===== Given records =====

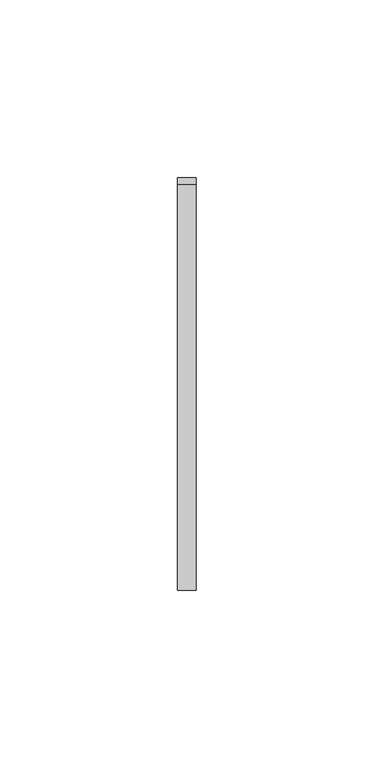
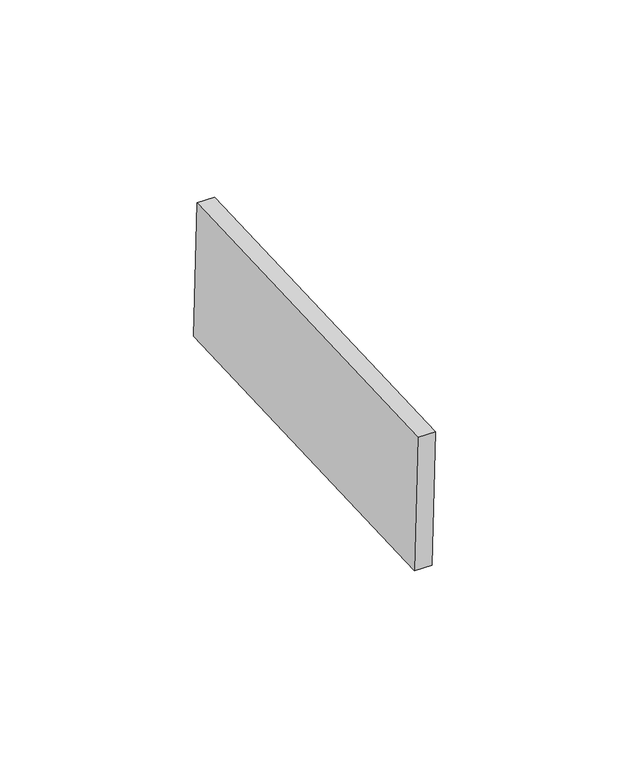
"""IFC4 building model written with IfcOpenShell, lengths in millimetres: proxy geometry, Inner panel:Inner panel:1:Inner panel:1 : Inner panel:Inner panel:300324:2:Inner panel:1:Inner panel:1 : Inner panel:Inner panel:300324:2 : Inner panel:Inner panel:1:Inner panel:1 : Inner panel:Inner panel:300324:300043:53 : Inner panel:Inner panel:1:Inner panel:1 : Inner panel:Inner panel:300324:2:Inner panel:1:Inner panel:1 : Inner panel:Inner panel:300324:2 : Inner panel:Inner panel:1:Inner panel:1 : Inner panel:Inner panel:300324:300043:308120."""

from ifc_helpers import new_model, si_unit, frame, origin, place, context, project, spatial, polyline, outline, extrude, source, transform, mapped, element, save


def generic_models_1038a89f(model_context):
    return source(origin(), model_context, "Body", "SweptSolid", [
        extrude(outline(polyline([(0.0, -114.2999999), (0.0, 0.0), (5.2138089, 0.0), (5.2138089, -114.2999999), (0.0, -114.2999999)])), frame((592717.395117, -566950.1308393, 8857.6957503), z_axis=(0.0, -0.04163054471215927, 0.9991330730923529), x_axis=(-1.0, 0.0, 0.0)), (0.0, 0.0, 1.0), 43.2233908),
    ])


if __name__ == "__main__":
    model = new_model("IFC4")
    model_context = context("Model", 3, world=origin())
    ifc_project = project(units=[si_unit("LENGTHUNIT", "METRE", prefix="MILLI")], contexts=[model_context])
    site = spatial("IfcSite", under=ifc_project)
    building = spatial("IfcBuilding", under=site)
    placement = place(None, origin())
    generic_models_shape = generic_models_1038a89f(model_context)
    element("IfcBuildingElementProxy", 1, Name="Inner panel:Inner panel:1:Inner panel:1 : Inner panel:Inner panel:300324:2:Inner panel:1:Inner panel:1 : Inner panel:Inner panel:300324:2 : Inner panel:Inner panel:1:Inner panel:1 : Inner panel:Inner panel:300324:300043:53 : Inner panel:Inner panel:1:Inner panel:1 : Inner panel:Inner panel:300324:2:Inner panel:1:Inner panel:1 : Inner panel:Inner panel:300324:2 : Inner panel:Inner panel:1:Inner panel:1 : Inner panel:Inner panel:300324:300043:308120", ObjectType="Inner panel:Inner panel:1:Inner panel:1 : Inner panel:Inner panel:300324:2:Inner panel:1:Inner panel:1 : Inner panel:Inner panel:300324:2 : Inner panel:Inner panel:1:Inner panel:1 : Inner panel:Inner panel:300324:300043:53 : Inner panel:Inner panel:1:Inner panel:1 : Inner panel:Inner panel:300324:2:Inner panel:1:Inner panel:1 : Inner panel:Inner panel:300324:2 : Inner panel:Inner panel:1:Inner panel:1 : Inner panel:Inner panel:300324:300043:308120", at=placement, inside=building, context=model_context, shape_type="MappedRepresentation", body=[
        mapped(generic_models_shape, transform((0.0, 0.0, 0.0), x_axis=(1.0, 0.0, 0.0), y_axis=(0.0, 1.0, 0.0), z_axis=(0.0, 0.0, 1.0))),
    ])
    save(model, "model.ifc")

# Revit data of these elements
# Type "Inner panel:Inner panel:1:Inner panel:1 : Inner panel:Inner panel:300324:2:Inner panel:1:Inner panel:1 : Inner panel:Inner panel:300324:2 : Inner panel:Inner panel:1:Inner panel:1 : Inner panel:Inner panel:300324:300043:53 : Inner panel:Inner panel:1:Inner panel:1 : Inner panel:Inner panel:300324:2:Inner panel:1:Inner panel:1 : Inner panel:Inner panel:300324:2 : Inner panel:Inner panel:1:Inner panel:1 : Inner panel:Inner panel:300324:300043:308120"
#   NameOverride = "Inner panel:Inner panel:1:Inner panel:1 : Inner panel:Inner panel:300324:2:Inner panel:1:Inner panel:1 : Inner panel:Inner panel:300324:2 : Inner panel:Inner panel:1:Inner panel:1 : Inner panel:Inner panel:300324:300043:308120"
#   ObjectTypeOverride = "Inner panel:1:Inner panel:1 : Inner panel:Inner panel:300324:2 : Inner panel:Inner panel:1:Inner panel:1 : Inner panel:Inner panel:300324:300043"
#   Reference = "Inner panel"
#   Tag = "308120"
# Element 1 (IfcBuildingElementProxy, "Inner panel:Inner panel:1:Inner panel:1 : Inner panel:Inner panel:300324:2:Inner panel:1:Inner panel:1 : Inner panel:Inner panel:300324:2 : Inner panel:Inner panel:1:Inner panel:1 : Inner panel:Inner panel:300324:300043:53 : Inner panel:Inner panel:1:Inner panel:1 : Inner panel:Inner panel:300324:2:Inner panel:1:Inner panel:1 : Inner panel:Inner panel:300324:2 : Inner panel:Inner panel:1:Inner panel:1 : Inner panel:Inner panel:300324:300043:308120")
#   Materials on its faces: "SLIDING CLIP"
# Materials
#   "SLIDING CLIP": class "Generic", colour RGB 120 120 120, transparency 0, Cost = 0

=====

_Task instructions_
The answer must consist of every line from the records above that holds "transform".

_Solution below_
from ifc_helpers import new_model, si_unit, frame, origin, place, context, project, spatial, polyline, outline, extrude, source, transform, mapped, element, save
        mapped(generic_models_shape, transform((0.0, 0.0, 0.0), x_axis=(1.0, 0.0, 0.0), y_axis=(0.0, 1.0, 0.0), z_axis=(0.0, 0.0, 1.0))),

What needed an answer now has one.